### Problem statement
Starting with the first line below, reproduce each line exactly until you have included the one bearing "linetype='Continuous', lineweight=5, true_color=0xffff00)".

### Recorded data
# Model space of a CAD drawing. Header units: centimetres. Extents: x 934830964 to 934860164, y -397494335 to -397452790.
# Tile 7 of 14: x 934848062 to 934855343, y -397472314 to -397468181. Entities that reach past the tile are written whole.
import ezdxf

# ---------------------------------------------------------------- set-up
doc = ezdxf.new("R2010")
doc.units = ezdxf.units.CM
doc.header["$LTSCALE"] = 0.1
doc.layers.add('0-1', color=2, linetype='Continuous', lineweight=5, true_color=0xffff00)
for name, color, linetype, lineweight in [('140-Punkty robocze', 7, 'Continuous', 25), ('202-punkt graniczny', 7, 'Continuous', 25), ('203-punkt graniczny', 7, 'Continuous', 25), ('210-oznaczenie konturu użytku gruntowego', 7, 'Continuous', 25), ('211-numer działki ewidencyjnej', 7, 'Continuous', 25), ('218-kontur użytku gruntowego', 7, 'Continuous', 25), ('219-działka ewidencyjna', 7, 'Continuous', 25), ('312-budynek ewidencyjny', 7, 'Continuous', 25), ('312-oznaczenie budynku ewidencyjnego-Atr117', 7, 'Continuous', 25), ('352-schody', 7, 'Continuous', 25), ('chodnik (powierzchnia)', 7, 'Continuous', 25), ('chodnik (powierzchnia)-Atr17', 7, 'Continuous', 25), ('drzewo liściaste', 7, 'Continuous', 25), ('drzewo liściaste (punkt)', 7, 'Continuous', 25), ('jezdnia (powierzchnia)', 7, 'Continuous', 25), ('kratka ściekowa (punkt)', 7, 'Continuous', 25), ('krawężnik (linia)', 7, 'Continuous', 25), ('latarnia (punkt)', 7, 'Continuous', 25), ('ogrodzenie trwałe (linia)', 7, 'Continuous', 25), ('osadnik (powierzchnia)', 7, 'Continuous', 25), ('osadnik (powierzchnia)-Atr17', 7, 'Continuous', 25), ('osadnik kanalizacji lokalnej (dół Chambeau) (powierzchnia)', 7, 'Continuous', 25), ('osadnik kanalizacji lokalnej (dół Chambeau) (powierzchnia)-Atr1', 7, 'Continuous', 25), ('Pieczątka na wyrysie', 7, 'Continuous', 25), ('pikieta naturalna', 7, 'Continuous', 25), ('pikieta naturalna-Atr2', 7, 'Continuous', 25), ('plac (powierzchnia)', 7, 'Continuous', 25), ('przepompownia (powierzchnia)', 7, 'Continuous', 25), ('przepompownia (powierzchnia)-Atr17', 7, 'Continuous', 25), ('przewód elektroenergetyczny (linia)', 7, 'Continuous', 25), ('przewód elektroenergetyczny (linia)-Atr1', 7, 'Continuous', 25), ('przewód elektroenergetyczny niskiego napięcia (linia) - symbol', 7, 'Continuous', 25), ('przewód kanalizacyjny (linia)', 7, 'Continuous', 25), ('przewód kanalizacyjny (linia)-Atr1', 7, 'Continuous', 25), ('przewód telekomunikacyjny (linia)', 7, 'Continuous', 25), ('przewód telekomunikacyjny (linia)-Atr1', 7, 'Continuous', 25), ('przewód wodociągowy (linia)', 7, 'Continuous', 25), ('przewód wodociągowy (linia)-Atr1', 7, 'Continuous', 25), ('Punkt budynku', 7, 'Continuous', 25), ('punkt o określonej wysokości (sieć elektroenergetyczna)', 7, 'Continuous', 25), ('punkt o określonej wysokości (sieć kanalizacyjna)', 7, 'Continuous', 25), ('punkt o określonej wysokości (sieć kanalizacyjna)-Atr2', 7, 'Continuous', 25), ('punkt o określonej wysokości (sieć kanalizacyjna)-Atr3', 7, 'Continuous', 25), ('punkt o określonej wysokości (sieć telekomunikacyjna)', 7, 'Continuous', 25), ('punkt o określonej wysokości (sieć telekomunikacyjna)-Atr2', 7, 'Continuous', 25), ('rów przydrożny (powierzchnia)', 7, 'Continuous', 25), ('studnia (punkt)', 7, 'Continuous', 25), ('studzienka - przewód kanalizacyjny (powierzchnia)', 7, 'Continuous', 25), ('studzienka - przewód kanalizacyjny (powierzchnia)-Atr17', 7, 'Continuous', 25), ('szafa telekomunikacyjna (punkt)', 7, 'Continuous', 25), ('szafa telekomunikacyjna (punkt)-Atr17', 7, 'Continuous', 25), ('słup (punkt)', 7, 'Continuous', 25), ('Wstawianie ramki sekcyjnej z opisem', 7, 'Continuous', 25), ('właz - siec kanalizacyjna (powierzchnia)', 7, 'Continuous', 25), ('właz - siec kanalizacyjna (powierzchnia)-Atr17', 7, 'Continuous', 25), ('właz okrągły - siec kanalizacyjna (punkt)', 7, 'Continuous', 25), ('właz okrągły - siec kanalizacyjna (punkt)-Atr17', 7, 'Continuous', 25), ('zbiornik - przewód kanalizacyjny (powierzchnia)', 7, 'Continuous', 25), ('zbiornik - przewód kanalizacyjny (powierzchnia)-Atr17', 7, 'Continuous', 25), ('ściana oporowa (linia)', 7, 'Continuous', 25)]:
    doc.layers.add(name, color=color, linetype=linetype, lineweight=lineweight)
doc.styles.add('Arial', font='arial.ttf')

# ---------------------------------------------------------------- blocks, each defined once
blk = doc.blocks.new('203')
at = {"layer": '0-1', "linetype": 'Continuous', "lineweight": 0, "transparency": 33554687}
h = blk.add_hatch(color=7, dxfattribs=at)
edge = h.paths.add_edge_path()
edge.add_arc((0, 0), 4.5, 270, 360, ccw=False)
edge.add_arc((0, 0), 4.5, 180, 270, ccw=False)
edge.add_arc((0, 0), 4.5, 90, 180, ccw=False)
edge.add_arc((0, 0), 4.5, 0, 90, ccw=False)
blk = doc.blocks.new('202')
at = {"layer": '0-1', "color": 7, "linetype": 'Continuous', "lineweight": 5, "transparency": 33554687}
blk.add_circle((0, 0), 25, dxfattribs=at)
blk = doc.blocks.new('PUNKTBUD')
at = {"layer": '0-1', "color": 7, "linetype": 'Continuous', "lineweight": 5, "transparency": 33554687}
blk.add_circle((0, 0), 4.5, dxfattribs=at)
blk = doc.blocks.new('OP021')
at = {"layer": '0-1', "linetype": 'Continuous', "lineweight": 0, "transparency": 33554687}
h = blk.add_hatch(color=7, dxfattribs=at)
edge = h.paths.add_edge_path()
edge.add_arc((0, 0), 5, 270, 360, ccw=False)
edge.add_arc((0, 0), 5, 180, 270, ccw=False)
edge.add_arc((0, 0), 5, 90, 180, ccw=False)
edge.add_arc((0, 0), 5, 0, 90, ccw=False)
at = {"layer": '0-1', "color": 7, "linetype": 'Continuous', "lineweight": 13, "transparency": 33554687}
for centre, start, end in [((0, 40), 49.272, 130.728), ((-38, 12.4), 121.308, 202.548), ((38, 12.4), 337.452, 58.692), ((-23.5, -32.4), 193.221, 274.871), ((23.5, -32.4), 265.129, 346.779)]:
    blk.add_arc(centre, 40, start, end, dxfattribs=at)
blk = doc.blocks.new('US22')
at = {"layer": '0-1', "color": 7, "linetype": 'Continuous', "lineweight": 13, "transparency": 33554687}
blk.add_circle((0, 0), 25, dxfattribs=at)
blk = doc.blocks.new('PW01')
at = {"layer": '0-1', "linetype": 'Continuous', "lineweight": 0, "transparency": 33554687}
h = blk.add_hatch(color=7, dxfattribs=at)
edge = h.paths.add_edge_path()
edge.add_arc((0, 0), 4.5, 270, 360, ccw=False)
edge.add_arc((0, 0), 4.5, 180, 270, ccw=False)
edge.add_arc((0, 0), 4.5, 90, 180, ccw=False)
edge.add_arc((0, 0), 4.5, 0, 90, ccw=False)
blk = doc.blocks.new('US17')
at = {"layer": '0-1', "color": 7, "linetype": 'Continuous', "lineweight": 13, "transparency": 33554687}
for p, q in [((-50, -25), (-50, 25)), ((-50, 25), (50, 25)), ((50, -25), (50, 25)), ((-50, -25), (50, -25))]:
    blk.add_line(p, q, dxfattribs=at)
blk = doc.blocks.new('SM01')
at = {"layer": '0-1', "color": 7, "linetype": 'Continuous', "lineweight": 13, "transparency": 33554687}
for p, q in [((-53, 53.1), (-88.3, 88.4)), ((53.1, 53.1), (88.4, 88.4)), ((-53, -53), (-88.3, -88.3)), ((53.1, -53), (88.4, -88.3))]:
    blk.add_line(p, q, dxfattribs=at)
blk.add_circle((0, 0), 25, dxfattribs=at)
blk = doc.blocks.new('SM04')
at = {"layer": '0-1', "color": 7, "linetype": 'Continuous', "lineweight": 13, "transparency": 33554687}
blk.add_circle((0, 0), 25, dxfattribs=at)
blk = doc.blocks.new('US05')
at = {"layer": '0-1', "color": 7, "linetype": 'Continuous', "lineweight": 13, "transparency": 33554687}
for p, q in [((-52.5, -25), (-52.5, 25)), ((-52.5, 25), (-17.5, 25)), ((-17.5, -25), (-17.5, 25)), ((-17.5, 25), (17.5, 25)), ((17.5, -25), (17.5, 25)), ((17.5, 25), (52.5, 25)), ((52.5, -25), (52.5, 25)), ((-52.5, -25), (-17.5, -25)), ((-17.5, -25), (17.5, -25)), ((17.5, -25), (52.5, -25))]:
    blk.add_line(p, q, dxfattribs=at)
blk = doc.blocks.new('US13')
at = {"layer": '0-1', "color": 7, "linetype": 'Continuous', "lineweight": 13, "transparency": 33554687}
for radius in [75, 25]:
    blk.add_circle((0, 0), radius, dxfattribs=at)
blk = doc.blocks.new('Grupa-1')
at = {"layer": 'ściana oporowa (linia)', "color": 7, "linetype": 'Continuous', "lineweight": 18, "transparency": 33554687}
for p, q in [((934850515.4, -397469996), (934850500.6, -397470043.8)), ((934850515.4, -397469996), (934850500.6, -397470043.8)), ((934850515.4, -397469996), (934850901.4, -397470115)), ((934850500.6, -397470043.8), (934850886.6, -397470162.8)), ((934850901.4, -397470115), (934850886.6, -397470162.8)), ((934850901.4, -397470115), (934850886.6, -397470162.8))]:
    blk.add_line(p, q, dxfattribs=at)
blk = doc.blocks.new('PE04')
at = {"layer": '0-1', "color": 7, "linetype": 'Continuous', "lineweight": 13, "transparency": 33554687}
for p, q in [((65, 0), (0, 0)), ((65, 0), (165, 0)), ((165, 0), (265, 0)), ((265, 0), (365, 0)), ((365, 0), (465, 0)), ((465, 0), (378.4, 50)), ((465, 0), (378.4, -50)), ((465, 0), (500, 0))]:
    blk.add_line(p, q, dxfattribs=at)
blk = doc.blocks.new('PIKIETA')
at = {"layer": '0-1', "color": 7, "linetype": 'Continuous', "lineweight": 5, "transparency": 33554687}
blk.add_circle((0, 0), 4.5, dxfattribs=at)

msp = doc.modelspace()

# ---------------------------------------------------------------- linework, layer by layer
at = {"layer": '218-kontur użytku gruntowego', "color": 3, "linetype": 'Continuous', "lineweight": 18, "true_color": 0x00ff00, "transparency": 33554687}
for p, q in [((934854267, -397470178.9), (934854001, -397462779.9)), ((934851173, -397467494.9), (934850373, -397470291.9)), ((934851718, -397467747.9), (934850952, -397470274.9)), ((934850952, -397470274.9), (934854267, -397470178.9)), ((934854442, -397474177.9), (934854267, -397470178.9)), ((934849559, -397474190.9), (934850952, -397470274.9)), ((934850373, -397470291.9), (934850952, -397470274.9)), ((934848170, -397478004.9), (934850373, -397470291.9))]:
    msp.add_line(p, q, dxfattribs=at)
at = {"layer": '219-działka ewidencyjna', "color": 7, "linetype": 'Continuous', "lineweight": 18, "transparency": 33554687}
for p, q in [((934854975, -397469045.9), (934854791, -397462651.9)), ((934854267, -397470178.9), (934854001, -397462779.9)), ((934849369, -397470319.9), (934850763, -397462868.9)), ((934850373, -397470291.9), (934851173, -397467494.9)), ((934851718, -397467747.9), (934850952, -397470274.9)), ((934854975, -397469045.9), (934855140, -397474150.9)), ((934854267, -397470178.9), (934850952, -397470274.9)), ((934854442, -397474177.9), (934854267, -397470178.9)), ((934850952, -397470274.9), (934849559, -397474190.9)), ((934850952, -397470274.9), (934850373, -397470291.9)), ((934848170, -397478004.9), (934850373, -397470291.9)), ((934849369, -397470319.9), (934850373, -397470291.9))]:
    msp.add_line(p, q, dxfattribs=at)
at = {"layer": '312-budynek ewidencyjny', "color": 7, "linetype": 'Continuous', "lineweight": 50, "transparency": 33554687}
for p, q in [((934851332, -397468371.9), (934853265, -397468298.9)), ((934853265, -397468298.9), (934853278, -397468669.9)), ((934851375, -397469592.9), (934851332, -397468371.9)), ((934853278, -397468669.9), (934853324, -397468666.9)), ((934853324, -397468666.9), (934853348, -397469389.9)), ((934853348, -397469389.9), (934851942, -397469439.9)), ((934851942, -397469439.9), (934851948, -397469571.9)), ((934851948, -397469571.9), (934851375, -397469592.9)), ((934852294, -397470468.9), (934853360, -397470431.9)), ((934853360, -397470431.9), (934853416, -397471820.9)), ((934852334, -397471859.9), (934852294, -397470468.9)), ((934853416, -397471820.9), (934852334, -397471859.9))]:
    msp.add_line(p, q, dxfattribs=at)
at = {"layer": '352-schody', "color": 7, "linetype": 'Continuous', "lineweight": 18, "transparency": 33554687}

### Written answer
# Model space of a CAD drawing. Header units: centimetres. Extents: x 934830964 to 934860164, y -397494335 to -397452790.
# Tile 7 of 14: x 934848062 to 934855343, y -397472314 to -397468181. Entities that reach past the tile are written whole.
import ezdxf

# ---------------------------------------------------------------- set-up
doc = ezdxf.new("R2010")
doc.units = ezdxf.units.CM
doc.header["$LTSCALE"] = 0.1
doc.layers.add('0-1', color=2, linetype='Continuous', lineweight=5, true_color=0xffff00)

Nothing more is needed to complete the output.